Instructions to follow -
The records that follow need to be output exactly as they are.

BEGIN

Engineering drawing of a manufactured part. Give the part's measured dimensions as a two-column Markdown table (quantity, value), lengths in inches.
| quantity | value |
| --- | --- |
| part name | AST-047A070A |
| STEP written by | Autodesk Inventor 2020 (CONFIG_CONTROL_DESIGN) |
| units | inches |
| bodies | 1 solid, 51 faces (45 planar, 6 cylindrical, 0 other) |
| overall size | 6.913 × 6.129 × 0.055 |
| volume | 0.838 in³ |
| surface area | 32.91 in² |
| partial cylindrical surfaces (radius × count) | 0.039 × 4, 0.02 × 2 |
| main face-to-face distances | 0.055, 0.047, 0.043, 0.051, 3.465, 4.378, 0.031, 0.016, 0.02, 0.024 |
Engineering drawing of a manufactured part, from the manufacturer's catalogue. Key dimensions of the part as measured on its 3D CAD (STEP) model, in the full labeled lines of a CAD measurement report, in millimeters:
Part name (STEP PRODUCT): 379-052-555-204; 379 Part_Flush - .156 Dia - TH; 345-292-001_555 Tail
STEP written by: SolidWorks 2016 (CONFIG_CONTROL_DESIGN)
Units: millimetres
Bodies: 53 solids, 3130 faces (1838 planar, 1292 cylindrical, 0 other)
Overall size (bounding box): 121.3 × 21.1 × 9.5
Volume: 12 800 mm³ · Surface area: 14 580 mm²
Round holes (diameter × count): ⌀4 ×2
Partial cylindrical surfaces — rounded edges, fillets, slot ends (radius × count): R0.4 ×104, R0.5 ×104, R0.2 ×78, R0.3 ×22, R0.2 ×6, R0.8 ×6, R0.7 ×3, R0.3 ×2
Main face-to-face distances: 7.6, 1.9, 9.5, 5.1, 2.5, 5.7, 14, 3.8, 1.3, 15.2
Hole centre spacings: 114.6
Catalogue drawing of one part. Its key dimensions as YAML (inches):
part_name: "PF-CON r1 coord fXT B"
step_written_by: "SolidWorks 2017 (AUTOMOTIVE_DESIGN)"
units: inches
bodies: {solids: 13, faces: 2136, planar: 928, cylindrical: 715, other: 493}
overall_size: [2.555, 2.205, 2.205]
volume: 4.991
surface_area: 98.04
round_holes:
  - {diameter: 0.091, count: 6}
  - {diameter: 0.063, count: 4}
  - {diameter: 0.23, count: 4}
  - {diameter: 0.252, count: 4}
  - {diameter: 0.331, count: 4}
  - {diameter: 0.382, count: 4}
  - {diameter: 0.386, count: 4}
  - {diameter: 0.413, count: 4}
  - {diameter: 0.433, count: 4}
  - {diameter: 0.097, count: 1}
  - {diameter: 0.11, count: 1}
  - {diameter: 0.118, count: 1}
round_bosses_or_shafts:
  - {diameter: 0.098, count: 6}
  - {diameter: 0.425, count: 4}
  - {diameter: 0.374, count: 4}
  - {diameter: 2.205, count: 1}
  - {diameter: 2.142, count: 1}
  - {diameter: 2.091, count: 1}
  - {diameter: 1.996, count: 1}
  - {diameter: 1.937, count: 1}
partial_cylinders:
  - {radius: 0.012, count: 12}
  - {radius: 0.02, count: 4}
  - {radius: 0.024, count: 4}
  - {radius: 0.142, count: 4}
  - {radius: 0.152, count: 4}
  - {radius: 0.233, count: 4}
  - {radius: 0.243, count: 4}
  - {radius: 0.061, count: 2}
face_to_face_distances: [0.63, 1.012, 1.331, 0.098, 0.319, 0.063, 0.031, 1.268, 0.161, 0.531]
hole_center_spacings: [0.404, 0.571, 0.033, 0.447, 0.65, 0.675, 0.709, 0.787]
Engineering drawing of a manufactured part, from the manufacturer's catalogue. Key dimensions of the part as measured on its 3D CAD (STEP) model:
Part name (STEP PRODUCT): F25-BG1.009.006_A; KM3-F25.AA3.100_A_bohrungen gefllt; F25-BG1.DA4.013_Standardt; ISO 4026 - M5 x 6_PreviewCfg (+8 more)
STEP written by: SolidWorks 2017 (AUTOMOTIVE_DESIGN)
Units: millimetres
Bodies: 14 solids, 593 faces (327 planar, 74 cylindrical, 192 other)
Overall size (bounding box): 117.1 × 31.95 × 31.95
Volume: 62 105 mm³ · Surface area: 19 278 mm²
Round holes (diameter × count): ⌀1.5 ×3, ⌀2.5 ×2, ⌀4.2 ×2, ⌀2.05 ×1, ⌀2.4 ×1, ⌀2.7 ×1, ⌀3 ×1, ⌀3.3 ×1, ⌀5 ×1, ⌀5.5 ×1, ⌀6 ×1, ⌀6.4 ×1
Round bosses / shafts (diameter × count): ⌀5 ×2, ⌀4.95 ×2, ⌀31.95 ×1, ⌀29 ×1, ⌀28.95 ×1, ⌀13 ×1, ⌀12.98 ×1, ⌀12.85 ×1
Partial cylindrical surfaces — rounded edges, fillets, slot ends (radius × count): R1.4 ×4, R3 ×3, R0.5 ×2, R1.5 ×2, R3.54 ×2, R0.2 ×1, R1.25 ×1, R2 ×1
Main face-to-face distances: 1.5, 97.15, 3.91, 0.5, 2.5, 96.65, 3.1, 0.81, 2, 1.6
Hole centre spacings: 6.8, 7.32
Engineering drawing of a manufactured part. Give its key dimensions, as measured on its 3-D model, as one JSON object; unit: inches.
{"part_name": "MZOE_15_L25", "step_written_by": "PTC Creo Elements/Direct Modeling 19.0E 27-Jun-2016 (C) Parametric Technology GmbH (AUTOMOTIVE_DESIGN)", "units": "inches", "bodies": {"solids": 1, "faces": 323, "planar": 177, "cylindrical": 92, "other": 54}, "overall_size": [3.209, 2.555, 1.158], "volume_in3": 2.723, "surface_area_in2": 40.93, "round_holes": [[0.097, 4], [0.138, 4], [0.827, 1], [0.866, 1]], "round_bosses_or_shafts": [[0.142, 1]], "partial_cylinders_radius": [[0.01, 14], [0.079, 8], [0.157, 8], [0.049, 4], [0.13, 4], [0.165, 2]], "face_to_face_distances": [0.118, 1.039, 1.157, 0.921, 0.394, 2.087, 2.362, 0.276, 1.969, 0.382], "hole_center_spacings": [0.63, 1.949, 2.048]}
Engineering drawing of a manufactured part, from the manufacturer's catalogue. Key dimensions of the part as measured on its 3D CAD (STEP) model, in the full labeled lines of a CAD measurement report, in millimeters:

END

Written solution -
Engineering drawing of a manufactured part. Give the part's measured dimensions as a two-column Markdown table (quantity, value), lengths in inches.
| quantity | value |
| --- | --- |
| part name | AST-047A070A |
| STEP written by | Autodesk Inventor 2020 (CONFIG_CONTROL_DESIGN) |
| units | inches |
| bodies | 1 solid, 51 faces (45 planar, 6 cylindrical, 0 other) |
| overall size | 6.913 × 6.129 × 0.055 |
| volume | 0.838 in³ |
| surface area | 32.91 in² |
| partial cylindrical surfaces (radius × count) | 0.039 × 4, 0.02 × 2 |
| main face-to-face distances | 0.055, 0.047, 0.043, 0.051, 3.465, 4.378, 0.031, 0.016, 0.02, 0.024 |
Engineering drawing of a manufactured part, from the manufacturer's catalogue. Key dimensions of the part as measured on its 3D CAD (STEP) model, in the full labeled lines of a CAD measurement report, in millimeters:
Part name (STEP PRODUCT): 379-052-555-204; 379 Part_Flush - .156 Dia - TH; 345-292-001_555 Tail
STEP written by: SolidWorks 2016 (CONFIG_CONTROL_DESIGN)
Units: millimetres
Bodies: 53 solids, 3130 faces (1838 planar, 1292 cylindrical, 0 other)
Overall size (bounding box): 121.3 × 21.1 × 9.5
Volume: 12 800 mm³ · Surface area: 14 580 mm²
Round holes (diameter × count): ⌀4 ×2
Partial cylindrical surfaces — rounded edges, fillets, slot ends (radius × count): R0.4 ×104, R0.5 ×104, R0.2 ×78, R0.3 ×22, R0.2 ×6, R0.8 ×6, R0.7 ×3, R0.3 ×2
Main face-to-face distances: 7.6, 1.9, 9.5, 5.1, 2.5, 5.7, 14, 3.8, 1.3, 15.2
Hole centre spacings: 114.6
Catalogue drawing of one part. Its key dimensions as YAML (inches):
part_name: "PF-CON r1 coord fXT B"
step_written_by: "SolidWorks 2017 (AUTOMOTIVE_DESIGN)"
units: inches
bodies: {solids: 13, faces: 2136, planar: 928, cylindrical: 715, other: 493}
overall_size: [2.555, 2.205, 2.205]
volume: 4.991
surface_area: 98.04
round_holes:
  - {diameter: 0.091, count: 6}
  - {diameter: 0.063, count: 4}
  - {diameter: 0.23, count: 4}
  - {diameter: 0.252, count: 4}
  - {diameter: 0.331, count: 4}
  - {diameter: 0.382, count: 4}
  - {diameter: 0.386, count: 4}
  - {diameter: 0.413, count: 4}
  - {diameter: 0.433, count: 4}
  - {diameter: 0.097, count: 1}
  - {diameter: 0.11, count: 1}
  - {diameter: 0.118, count: 1}
round_bosses_or_shafts:
  - {diameter: 0.098, count: 6}
  - {diameter: 0.425, count: 4}
  - {diameter: 0.374, count: 4}
  - {diameter: 2.205, count: 1}
  - {diameter: 2.142, count: 1}
  - {diameter: 2.091, count: 1}
  - {diameter: 1.996, count: 1}
  - {diameter: 1.937, count: 1}
partial_cylinders:
  - {radius: 0.012, count: 12}
  - {radius: 0.02, count: 4}
  - {radius: 0.024, count: 4}
  - {radius: 0.142, count: 4}
  - {radius: 0.152, count: 4}
  - {radius: 0.233, count: 4}
  - {radius: 0.243, count: 4}
  - {radius: 0.061, count: 2}
face_to_face_distances: [0.63, 1.012, 1.331, 0.098, 0.319, 0.063, 0.031, 1.268, 0.161, 0.531]
hole_center_spacings: [0.404, 0.571, 0.033, 0.447, 0.65, 0.675, 0.709, 0.787]
Engineering drawing of a manufactured part, from the manufacturer's catalogue. Key dimensions of the part as measured on its 3D CAD (STEP) model:
Part name (STEP PRODUCT): F25-BG1.009.006_A; KM3-F25.AA3.100_A_bohrungen gefllt; F25-BG1.DA4.013_Standardt; ISO 4026 - M5 x 6_PreviewCfg (+8 more)
STEP written by: SolidWorks 2017 (AUTOMOTIVE_DESIGN)
Units: millimetres
Bodies: 14 solids, 593 faces (327 planar, 74 cylindrical, 192 other)
Overall size (bounding box): 117.1 × 31.95 × 31.95
Volume: 62 105 mm³ · Surface area: 19 278 mm²
Round holes (diameter × count): ⌀1.5 ×3, ⌀2.5 ×2, ⌀4.2 ×2, ⌀2.05 ×1, ⌀2.4 ×1, ⌀2.7 ×1, ⌀3 ×1, ⌀3.3 ×1, ⌀5 ×1, ⌀5.5 ×1, ⌀6 ×1, ⌀6.4 ×1
Round bosses / shafts (diameter × count): ⌀5 ×2, ⌀4.95 ×2, ⌀31.95 ×1, ⌀29 ×1, ⌀28.95 ×1, ⌀13 ×1, ⌀12.98 ×1, ⌀12.85 ×1
Partial cylindrical surfaces — rounded edges, fillets, slot ends (radius × count): R1.4 ×4, R3 ×3, R0.5 ×2, R1.5 ×2, R3.54 ×2, R0.2 ×1, R1.25 ×1, R2 ×1
Main face-to-face distances: 1.5, 97.15, 3.91, 0.5, 2.5, 96.65, 3.1, 0.81, 2, 1.6
Hole centre spacings: 6.8, 7.32
Engineering drawing of a manufactured part. Give its key dimensions, as measured on its 3-D model, as one JSON object; unit: inches.
{"part_name": "MZOE_15_L25", "step_written_by": "PTC Creo Elements/Direct Modeling 19.0E 27-Jun-2016 (C) Parametric Technology GmbH (AUTOMOTIVE_DESIGN)", "units": "inches", "bodies": {"solids": 1, "faces": 323, "planar": 177, "cylindrical": 92, "other": 54}, "overall_size": [3.209, 2.555, 1.158], "volume_in3": 2.723, "surface_area_in2": 40.93, "round_holes": [[0.097, 4], [0.138, 4], [0.827, 1], [0.866, 1]], "round_bosses_or_shafts": [[0.142, 1]], "partial_cylinders_radius": [[0.01, 14], [0.079, 8], [0.157, 8], [0.049, 4], [0.13, 4], [0.165, 2]], "face_to_face_distances": [0.118, 1.039, 1.157, 0.921, 0.394, 2.087, 2.362, 0.276, 1.969, 0.382], "hole_center_spacings": [0.63, 1.949, 2.048]}
Engineering drawing of a manufactured part, from the manufacturer's catalogue. Key dimensions of the part as measured on its 3D CAD (STEP) model, in the full labeled lines of a CAD measurement report, in millimeters:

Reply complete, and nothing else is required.